**DATA FOR REVIEW**.
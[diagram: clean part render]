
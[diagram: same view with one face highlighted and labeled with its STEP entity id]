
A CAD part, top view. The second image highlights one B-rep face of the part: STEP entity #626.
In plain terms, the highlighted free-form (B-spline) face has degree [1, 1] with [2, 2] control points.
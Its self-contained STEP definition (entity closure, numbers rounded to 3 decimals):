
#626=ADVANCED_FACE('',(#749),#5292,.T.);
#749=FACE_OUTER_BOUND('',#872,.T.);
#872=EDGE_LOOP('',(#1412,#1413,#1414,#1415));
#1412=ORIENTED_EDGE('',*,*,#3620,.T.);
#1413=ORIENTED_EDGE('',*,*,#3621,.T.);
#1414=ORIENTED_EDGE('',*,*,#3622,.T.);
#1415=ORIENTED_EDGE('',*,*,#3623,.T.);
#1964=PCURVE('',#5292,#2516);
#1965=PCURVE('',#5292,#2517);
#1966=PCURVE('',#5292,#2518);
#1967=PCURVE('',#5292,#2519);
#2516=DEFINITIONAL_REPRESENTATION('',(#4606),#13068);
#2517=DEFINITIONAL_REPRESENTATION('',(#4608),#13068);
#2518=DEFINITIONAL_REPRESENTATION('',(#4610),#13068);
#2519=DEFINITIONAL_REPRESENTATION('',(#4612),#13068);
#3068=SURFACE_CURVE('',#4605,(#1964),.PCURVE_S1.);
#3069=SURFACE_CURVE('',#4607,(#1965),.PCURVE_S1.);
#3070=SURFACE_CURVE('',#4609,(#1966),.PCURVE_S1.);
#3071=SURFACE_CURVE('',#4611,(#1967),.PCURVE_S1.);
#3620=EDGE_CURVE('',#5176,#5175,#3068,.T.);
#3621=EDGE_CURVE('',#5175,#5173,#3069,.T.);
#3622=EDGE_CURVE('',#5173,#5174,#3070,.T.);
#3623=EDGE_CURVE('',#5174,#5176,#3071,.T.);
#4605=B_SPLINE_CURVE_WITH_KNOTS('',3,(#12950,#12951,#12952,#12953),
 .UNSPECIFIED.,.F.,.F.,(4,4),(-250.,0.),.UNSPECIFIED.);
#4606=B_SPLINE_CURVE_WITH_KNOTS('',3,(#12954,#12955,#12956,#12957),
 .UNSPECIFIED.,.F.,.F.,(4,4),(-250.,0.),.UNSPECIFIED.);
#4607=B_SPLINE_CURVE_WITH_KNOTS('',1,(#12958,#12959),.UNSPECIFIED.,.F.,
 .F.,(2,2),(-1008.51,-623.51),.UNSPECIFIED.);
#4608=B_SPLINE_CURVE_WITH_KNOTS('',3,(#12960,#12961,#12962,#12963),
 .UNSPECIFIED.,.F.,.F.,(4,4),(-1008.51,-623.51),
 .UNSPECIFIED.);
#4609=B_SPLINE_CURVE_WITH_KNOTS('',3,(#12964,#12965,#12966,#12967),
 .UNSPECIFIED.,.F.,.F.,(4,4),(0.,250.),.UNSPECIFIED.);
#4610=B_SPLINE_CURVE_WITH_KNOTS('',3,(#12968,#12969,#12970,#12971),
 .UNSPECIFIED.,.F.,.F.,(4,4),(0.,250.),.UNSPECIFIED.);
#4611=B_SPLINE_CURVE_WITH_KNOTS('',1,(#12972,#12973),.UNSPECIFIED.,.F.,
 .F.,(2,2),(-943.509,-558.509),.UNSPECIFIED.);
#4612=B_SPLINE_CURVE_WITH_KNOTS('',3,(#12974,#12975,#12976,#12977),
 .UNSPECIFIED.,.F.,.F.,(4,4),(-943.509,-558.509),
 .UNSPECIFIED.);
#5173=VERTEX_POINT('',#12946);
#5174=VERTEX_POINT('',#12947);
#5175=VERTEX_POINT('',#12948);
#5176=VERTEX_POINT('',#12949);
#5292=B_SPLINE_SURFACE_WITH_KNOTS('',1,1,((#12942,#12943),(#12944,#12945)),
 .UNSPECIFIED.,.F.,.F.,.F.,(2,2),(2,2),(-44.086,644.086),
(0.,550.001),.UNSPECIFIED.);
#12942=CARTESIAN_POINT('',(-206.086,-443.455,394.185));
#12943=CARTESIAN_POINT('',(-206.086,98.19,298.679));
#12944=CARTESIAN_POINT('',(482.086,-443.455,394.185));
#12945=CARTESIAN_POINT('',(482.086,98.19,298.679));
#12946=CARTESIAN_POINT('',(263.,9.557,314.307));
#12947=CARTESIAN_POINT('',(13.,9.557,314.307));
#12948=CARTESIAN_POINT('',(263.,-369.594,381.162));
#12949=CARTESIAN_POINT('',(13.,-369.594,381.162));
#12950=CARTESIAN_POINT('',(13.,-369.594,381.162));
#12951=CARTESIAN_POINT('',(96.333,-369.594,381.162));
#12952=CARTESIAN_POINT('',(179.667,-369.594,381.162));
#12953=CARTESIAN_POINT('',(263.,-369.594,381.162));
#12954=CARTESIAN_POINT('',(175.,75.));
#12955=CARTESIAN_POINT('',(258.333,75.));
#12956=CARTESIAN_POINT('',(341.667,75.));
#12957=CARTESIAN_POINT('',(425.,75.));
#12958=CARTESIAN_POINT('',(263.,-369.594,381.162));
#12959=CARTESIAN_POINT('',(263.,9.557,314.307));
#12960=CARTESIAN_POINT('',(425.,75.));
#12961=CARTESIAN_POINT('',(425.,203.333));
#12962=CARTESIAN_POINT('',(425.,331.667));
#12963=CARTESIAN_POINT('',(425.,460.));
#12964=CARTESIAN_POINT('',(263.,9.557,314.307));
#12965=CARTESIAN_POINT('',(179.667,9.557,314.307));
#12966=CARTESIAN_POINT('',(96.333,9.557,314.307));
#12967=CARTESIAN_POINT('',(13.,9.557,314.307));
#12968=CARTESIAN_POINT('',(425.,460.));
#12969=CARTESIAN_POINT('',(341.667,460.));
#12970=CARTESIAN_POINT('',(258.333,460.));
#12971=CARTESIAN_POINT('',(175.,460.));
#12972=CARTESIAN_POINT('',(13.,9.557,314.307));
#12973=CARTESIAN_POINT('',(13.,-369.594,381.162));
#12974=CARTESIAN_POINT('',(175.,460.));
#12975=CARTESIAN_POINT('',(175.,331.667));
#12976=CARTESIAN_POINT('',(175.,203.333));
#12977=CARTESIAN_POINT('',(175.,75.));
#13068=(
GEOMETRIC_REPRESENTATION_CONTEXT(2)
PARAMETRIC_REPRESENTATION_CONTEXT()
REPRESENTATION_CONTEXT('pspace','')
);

**WHAT YOU HAVE TO DO**. Start at the first line of the entries and stop at the line that contains "#872=EDGE_LOOP('',(#1412,#1413,#1414,#1415));". Repeat every line in that span exactly, and nothing beyond it.

**ANSWER**.
[diagram: clean part render]
[diagram: same view with one face highlighted and labeled with its STEP entity id]
A CAD part, top view. The second image highlights one B-rep face of the part: STEP entity #626.
In plain terms, the highlighted free-form (B-spline) face has degree [1, 1] with [2, 2] control points.
Its self-contained STEP definition (entity closure, numbers rounded to 3 decimals):
#626=ADVANCED_FACE('',(#749),#5292,.T.);
#749=FACE_OUTER_BOUND('',#872,.T.);
#872=EDGE_LOOP('',(#1412,#1413,#1414,#1415));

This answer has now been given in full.